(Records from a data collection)
____________________

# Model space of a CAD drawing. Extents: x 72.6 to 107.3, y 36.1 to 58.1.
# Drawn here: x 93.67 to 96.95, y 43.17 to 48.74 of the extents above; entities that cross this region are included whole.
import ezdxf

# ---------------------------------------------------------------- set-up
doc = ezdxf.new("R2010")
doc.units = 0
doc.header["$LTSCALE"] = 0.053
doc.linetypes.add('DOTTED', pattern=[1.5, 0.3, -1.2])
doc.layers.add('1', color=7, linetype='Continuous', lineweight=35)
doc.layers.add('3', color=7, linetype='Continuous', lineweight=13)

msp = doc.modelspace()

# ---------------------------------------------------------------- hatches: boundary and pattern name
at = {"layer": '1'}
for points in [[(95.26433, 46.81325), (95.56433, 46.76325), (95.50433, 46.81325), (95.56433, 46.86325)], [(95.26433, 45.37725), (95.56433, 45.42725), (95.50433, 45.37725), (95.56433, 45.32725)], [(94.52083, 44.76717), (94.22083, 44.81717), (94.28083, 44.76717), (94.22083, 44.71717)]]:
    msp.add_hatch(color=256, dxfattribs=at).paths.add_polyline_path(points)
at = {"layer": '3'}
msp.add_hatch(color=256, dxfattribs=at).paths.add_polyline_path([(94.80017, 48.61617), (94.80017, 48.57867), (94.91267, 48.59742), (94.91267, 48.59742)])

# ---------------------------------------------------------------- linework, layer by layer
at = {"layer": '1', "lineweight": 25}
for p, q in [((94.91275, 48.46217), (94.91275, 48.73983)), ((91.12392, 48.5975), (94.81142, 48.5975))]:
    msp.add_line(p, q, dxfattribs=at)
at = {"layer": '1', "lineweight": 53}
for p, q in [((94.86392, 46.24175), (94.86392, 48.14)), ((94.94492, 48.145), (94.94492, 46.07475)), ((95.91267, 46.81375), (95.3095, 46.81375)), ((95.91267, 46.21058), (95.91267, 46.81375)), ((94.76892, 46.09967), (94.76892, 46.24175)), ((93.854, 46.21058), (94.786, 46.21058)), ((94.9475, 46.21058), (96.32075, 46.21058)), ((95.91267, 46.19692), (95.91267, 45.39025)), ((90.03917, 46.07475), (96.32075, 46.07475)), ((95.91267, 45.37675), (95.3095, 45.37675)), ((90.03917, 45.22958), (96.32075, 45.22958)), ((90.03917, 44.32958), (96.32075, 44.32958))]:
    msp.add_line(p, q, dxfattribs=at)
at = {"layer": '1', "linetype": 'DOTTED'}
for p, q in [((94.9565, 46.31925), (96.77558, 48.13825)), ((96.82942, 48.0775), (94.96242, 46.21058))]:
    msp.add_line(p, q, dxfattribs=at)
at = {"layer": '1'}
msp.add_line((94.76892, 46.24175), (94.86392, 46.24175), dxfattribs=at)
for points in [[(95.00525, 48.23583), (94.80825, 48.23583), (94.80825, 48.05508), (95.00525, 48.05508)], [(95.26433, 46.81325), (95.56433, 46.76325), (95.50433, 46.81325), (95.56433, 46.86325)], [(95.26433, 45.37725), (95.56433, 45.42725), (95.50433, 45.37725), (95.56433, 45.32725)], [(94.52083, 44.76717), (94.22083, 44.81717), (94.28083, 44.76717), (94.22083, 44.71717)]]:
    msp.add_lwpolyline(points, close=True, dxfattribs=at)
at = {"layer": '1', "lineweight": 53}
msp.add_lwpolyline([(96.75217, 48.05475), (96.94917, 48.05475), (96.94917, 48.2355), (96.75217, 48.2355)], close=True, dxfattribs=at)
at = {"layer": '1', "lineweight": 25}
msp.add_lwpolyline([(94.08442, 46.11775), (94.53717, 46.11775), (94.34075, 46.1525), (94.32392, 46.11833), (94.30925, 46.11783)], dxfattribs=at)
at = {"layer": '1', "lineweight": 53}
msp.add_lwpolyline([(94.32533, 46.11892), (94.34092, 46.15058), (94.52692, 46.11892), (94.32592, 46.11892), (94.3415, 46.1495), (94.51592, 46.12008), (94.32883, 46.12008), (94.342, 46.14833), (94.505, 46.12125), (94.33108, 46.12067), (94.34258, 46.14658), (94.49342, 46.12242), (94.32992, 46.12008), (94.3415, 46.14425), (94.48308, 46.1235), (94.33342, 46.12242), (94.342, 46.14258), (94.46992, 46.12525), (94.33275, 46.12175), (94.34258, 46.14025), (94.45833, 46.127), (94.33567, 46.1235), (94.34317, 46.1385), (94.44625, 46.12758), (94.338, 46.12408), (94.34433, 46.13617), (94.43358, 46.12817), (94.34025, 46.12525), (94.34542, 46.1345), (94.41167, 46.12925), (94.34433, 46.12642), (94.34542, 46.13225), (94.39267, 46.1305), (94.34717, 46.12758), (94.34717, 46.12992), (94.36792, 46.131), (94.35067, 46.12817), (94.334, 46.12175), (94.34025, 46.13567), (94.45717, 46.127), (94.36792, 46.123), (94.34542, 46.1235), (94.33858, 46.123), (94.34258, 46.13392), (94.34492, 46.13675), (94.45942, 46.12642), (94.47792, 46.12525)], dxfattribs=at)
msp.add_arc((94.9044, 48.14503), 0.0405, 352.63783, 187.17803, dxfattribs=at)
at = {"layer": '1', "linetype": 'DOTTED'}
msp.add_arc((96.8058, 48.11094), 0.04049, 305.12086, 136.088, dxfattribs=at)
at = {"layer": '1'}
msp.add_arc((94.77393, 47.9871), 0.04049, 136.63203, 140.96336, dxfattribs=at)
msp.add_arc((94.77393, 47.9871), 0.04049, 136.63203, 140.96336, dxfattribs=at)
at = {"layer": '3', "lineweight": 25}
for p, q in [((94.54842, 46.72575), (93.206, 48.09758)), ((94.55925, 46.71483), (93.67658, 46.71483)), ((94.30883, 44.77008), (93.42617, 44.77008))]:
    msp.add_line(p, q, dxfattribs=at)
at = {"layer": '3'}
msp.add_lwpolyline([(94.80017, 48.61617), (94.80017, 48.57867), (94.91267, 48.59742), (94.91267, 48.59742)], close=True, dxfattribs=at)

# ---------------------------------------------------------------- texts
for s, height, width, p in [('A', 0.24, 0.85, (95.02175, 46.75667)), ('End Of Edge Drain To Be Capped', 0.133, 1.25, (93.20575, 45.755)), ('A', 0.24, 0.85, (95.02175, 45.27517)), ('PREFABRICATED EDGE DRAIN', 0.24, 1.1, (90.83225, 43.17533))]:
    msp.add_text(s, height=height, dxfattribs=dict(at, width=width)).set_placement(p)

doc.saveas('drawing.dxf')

____________________

▶ EXERCISE DETAILS
Answer with a number only. How many lines in the records include the word "layers"?

▶ SOLUTION
2